# Your goal
Give the number of lines in the material below that contain the word "Advance". No other content is needed.

# Given records
==============================

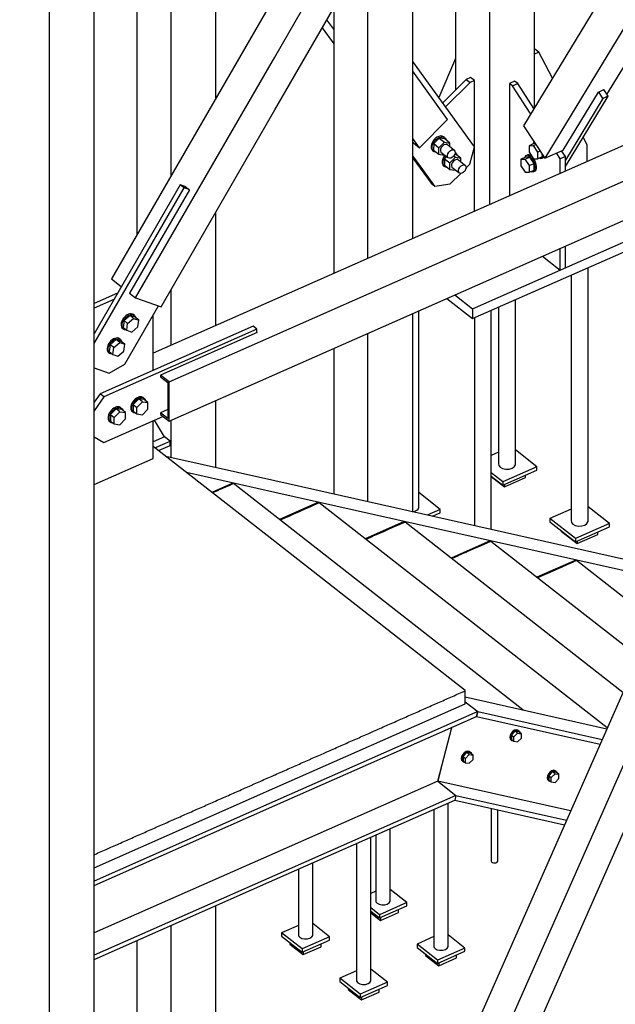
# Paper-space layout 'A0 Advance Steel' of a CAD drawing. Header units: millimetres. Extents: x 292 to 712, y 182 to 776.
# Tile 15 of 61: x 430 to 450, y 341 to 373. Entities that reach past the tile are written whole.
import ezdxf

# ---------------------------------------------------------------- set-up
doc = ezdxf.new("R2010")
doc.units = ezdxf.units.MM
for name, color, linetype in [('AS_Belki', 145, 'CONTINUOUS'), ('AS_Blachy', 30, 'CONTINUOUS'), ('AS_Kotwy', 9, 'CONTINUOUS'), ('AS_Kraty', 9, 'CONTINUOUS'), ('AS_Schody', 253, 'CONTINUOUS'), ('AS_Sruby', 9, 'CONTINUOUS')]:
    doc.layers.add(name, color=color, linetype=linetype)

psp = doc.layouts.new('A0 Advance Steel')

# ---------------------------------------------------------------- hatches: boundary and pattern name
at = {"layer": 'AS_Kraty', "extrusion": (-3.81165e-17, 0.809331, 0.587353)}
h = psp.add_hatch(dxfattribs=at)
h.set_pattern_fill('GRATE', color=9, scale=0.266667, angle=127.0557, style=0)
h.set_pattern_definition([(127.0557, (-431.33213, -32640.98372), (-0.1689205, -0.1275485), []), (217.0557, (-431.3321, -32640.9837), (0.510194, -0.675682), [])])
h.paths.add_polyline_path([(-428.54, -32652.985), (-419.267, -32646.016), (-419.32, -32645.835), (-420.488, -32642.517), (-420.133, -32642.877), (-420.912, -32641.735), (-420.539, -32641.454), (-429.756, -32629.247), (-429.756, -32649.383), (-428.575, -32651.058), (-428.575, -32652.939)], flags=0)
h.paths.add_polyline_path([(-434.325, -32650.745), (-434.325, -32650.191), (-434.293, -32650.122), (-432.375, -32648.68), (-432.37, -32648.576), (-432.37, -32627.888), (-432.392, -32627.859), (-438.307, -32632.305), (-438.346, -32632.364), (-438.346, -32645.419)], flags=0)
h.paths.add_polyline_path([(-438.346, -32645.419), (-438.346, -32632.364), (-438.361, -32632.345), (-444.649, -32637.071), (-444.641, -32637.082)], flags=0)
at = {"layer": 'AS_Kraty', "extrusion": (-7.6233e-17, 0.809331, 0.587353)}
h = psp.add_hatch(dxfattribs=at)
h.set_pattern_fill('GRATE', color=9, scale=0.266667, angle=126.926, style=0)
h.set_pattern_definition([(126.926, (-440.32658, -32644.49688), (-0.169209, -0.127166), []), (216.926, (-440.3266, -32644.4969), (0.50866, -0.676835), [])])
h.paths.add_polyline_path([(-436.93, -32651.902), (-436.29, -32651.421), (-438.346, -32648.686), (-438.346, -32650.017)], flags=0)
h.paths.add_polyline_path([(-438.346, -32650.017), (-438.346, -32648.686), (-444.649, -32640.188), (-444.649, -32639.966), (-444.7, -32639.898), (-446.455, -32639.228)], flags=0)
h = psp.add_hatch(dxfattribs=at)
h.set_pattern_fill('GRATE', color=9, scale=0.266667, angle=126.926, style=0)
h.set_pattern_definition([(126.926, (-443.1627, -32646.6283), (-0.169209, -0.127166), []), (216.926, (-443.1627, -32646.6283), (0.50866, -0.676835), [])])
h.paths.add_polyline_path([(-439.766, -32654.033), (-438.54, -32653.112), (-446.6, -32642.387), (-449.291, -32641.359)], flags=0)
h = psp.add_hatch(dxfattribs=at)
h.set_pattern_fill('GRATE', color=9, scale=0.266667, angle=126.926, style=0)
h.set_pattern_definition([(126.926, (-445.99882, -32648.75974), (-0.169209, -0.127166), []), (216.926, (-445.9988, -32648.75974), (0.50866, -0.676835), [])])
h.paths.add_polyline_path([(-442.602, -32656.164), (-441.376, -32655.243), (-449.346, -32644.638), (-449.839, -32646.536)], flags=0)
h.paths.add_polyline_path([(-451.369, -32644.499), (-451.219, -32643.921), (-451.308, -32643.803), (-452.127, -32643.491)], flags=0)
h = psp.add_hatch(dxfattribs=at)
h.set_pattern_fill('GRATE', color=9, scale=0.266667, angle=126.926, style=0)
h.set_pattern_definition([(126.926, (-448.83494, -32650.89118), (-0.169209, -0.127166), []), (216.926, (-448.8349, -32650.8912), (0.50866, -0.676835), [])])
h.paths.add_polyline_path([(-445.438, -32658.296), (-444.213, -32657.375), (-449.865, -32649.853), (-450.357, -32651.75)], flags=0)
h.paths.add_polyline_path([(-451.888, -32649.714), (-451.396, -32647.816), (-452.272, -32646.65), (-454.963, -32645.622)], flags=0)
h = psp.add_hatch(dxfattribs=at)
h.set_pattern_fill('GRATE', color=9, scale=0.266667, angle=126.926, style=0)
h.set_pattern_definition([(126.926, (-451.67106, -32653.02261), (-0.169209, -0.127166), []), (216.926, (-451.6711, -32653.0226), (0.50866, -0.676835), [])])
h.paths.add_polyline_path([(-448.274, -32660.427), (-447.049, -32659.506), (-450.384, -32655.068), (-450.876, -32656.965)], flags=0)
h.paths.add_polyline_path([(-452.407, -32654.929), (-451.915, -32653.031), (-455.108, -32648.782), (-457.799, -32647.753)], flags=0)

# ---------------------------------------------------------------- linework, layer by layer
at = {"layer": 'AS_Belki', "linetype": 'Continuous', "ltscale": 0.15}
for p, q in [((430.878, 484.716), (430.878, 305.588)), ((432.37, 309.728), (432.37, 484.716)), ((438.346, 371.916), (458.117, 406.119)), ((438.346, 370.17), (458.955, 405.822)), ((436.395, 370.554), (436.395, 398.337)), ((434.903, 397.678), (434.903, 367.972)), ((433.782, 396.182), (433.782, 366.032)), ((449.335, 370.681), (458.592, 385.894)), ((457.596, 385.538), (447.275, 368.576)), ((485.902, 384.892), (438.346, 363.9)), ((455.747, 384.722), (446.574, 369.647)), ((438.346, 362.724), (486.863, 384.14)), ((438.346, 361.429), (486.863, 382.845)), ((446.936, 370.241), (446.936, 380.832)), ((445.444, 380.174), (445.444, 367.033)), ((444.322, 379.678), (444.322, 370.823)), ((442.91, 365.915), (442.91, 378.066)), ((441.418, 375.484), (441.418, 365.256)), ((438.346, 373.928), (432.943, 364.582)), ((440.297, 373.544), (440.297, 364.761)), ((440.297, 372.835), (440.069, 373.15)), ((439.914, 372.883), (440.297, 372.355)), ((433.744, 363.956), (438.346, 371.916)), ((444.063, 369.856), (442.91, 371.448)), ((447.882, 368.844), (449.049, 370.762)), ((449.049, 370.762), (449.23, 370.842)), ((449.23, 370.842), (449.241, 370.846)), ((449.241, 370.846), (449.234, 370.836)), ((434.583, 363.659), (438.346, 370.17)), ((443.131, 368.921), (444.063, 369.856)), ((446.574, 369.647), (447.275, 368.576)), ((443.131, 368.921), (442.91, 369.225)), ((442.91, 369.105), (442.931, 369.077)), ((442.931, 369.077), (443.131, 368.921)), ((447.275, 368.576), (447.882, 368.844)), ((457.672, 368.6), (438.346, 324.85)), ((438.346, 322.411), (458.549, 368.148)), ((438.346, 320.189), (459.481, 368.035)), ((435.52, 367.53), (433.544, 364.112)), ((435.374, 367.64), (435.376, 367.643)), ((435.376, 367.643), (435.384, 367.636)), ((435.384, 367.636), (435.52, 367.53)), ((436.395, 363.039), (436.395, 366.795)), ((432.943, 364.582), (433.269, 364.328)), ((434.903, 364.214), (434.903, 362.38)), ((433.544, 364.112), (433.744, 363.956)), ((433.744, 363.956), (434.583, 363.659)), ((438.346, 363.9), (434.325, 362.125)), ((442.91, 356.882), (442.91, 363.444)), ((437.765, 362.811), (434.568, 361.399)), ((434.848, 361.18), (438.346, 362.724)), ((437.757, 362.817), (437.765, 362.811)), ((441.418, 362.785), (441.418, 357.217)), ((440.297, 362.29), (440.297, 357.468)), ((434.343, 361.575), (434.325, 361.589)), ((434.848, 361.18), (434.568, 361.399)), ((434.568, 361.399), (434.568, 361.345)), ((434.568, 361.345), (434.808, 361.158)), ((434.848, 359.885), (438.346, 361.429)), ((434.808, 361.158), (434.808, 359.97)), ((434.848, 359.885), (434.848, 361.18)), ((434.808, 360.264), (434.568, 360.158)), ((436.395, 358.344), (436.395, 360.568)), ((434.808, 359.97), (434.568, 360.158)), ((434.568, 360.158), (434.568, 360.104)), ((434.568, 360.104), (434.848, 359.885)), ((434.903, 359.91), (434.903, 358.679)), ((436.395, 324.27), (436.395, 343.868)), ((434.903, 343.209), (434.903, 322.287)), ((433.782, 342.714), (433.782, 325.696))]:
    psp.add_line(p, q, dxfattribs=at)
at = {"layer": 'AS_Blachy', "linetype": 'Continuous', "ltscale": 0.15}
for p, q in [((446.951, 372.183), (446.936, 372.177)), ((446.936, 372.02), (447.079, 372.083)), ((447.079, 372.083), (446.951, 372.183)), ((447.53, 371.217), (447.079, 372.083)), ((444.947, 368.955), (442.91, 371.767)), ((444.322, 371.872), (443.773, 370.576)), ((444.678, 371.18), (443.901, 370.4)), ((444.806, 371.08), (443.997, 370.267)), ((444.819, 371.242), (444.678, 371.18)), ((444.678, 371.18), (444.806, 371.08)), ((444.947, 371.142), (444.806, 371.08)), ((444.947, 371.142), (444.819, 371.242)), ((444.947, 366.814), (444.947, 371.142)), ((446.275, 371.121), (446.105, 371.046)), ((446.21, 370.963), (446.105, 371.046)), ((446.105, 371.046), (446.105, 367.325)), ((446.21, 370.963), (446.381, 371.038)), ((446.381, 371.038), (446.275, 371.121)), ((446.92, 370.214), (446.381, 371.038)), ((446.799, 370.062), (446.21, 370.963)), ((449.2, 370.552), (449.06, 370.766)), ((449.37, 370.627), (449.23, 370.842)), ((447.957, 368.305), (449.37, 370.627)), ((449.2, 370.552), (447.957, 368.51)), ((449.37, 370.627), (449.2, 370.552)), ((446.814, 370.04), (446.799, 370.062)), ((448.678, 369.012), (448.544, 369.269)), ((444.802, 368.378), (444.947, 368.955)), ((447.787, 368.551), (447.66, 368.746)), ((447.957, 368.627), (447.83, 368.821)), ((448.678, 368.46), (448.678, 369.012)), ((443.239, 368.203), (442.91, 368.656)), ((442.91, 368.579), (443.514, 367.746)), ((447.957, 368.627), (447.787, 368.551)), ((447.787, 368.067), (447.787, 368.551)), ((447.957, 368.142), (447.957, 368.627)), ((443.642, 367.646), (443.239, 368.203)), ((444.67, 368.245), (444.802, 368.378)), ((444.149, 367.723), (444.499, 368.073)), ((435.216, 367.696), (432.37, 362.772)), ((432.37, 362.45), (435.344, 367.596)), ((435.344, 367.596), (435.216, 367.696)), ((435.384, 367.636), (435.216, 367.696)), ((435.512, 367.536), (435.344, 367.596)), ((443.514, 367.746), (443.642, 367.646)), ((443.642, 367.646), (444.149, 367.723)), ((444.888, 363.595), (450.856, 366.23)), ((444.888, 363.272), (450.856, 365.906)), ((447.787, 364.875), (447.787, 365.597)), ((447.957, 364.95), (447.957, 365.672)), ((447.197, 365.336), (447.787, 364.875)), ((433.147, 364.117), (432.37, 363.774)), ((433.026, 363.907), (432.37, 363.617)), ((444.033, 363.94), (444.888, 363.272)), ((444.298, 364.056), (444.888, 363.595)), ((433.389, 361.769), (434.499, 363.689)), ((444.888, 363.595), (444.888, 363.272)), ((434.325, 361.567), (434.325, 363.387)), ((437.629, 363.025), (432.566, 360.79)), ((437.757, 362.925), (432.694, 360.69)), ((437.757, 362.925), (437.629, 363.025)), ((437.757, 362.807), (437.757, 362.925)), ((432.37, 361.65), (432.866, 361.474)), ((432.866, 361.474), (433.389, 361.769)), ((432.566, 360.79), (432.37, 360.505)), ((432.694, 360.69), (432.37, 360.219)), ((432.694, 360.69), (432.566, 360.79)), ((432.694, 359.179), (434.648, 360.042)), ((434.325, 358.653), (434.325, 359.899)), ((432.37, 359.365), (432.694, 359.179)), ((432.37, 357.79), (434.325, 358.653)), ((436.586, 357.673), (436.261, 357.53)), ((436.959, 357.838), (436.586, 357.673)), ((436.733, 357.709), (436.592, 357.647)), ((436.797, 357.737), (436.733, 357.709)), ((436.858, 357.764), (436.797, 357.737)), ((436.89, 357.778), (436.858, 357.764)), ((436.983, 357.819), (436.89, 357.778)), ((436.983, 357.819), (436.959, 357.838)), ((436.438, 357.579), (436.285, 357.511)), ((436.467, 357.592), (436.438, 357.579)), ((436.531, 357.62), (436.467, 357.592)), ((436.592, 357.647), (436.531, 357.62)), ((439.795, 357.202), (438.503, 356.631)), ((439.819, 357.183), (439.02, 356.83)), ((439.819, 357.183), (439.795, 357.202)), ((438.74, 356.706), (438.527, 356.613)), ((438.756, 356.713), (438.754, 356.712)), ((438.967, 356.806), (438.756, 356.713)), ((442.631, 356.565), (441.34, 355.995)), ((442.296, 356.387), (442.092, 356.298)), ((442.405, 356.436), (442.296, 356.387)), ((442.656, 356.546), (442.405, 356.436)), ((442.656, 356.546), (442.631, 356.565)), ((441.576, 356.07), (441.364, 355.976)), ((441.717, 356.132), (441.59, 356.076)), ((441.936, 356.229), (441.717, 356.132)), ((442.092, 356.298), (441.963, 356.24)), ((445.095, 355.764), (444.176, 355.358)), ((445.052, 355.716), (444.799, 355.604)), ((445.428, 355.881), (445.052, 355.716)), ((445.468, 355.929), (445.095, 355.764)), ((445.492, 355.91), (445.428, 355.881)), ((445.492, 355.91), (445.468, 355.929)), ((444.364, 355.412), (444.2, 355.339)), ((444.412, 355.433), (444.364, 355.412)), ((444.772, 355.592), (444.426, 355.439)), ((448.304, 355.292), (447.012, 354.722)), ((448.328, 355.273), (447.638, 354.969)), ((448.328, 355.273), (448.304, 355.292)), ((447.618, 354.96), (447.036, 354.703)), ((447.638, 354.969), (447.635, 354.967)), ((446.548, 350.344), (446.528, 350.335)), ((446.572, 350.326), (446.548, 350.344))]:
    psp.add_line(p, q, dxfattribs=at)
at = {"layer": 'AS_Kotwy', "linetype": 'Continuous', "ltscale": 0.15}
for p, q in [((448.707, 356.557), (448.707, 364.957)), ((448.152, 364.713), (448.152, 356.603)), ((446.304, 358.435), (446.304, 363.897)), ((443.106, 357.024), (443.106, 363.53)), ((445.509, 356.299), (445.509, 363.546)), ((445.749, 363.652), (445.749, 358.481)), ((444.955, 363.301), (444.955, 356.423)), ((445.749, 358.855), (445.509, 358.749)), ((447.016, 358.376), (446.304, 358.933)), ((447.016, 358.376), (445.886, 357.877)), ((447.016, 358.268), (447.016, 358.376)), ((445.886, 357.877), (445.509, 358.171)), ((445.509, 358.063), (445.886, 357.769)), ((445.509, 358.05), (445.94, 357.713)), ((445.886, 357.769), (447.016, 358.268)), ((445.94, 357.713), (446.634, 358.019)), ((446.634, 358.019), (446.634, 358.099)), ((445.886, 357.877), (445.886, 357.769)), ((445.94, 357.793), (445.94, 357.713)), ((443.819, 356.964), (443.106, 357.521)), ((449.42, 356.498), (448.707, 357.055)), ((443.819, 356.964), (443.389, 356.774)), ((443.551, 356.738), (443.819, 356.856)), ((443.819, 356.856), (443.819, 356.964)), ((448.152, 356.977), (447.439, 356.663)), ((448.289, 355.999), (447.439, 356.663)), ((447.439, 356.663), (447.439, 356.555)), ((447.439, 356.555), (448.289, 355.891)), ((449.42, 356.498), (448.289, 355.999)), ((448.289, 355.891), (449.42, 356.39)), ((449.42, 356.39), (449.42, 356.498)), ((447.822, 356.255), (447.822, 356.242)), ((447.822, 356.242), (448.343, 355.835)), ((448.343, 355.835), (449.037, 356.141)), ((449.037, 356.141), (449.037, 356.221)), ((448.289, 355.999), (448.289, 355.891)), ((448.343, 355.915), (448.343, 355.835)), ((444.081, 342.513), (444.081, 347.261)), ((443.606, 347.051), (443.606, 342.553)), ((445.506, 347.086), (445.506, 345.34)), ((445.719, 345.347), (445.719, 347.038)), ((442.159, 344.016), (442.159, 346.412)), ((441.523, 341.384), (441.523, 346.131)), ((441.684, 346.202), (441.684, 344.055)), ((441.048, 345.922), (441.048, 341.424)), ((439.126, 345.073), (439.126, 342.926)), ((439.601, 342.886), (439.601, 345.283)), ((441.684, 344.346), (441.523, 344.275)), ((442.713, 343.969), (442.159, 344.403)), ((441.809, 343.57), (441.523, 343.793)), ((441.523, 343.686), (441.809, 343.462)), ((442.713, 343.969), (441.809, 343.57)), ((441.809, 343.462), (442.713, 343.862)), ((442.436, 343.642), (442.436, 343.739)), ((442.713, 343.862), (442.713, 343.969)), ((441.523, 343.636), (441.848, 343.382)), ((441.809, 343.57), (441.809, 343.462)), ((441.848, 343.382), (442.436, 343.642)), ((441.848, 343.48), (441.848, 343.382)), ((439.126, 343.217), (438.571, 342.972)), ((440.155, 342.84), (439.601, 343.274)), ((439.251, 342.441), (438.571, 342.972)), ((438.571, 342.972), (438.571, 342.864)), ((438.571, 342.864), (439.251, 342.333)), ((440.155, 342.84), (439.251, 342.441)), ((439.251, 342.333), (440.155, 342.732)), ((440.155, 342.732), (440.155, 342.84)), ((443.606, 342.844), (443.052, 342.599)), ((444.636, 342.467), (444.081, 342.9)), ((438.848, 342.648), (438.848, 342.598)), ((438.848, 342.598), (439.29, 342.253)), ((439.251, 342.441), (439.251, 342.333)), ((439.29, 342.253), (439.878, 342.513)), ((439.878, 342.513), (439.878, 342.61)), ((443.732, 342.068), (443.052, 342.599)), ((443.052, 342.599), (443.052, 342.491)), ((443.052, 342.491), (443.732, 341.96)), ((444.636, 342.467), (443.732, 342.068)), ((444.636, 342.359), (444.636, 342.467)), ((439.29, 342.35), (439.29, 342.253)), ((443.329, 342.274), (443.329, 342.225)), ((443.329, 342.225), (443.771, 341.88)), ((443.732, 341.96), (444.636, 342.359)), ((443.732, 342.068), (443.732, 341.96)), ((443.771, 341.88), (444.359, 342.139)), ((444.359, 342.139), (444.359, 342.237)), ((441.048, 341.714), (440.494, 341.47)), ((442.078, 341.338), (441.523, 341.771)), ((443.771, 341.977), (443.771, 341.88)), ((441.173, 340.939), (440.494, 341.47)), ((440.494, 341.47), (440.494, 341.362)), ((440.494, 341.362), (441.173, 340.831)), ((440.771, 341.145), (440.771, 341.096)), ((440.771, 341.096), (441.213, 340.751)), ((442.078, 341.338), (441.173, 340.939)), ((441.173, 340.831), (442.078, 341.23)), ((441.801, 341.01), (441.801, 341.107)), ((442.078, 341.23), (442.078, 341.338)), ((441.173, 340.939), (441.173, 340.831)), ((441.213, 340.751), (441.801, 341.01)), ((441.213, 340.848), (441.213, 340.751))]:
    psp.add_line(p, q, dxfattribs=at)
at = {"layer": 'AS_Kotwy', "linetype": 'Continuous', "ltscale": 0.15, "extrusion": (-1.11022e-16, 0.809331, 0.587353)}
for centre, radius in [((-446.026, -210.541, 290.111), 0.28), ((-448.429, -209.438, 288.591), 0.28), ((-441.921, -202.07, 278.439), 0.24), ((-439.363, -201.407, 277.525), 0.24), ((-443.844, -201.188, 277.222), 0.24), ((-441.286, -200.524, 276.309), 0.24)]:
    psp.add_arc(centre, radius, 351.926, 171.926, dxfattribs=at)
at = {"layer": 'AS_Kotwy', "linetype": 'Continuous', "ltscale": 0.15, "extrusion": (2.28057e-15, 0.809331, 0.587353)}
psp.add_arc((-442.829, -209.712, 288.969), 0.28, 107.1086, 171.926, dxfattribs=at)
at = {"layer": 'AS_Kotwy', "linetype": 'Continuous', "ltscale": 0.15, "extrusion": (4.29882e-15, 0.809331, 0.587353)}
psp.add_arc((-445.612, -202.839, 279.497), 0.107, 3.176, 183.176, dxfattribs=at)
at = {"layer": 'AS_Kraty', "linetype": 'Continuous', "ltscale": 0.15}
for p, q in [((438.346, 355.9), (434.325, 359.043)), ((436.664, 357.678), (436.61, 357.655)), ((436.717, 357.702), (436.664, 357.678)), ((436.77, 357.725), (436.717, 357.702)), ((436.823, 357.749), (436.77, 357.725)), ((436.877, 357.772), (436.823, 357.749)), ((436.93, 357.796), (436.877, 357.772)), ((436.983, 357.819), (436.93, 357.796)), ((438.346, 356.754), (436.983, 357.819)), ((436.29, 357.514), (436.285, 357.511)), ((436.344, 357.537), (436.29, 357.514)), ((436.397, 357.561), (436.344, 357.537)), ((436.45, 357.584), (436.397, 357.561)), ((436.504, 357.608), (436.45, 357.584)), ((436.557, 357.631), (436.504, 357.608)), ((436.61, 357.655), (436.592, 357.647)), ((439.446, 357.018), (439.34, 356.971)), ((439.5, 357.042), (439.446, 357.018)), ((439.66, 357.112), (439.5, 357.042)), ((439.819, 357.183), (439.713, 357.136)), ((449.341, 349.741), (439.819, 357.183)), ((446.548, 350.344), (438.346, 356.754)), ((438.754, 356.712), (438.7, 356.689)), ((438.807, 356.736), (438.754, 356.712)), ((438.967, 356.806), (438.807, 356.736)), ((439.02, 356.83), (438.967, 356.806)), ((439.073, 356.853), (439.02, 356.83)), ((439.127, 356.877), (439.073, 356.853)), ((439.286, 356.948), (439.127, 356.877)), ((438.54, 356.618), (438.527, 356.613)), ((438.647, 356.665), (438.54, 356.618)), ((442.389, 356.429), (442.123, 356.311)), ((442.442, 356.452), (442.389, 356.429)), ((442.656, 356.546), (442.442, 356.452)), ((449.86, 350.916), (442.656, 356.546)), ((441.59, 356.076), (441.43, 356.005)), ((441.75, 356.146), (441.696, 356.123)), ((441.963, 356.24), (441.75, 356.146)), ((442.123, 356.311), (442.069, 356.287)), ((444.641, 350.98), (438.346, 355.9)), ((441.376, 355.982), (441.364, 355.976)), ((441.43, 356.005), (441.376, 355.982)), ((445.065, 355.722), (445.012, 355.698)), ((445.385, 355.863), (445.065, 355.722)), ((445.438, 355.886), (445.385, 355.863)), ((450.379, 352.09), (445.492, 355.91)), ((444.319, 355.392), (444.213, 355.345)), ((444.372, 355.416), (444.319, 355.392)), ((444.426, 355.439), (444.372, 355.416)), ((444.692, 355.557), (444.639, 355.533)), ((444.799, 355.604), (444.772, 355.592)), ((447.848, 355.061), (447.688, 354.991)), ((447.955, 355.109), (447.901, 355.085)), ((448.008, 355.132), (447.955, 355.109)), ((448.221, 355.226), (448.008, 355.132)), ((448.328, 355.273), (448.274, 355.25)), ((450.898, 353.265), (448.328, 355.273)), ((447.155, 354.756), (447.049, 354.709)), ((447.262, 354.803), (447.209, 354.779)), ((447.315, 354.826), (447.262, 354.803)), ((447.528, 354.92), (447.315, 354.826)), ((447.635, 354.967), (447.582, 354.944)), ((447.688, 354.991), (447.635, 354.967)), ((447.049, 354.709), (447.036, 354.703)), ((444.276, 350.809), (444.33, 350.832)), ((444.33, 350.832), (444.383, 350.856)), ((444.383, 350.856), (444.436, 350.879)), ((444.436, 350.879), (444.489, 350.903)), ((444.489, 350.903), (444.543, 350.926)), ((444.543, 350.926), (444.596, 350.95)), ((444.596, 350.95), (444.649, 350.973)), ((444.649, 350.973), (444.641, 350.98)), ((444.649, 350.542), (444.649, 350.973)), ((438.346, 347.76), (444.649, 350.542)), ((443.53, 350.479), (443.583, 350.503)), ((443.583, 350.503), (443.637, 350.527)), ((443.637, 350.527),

==============================

# Written response
2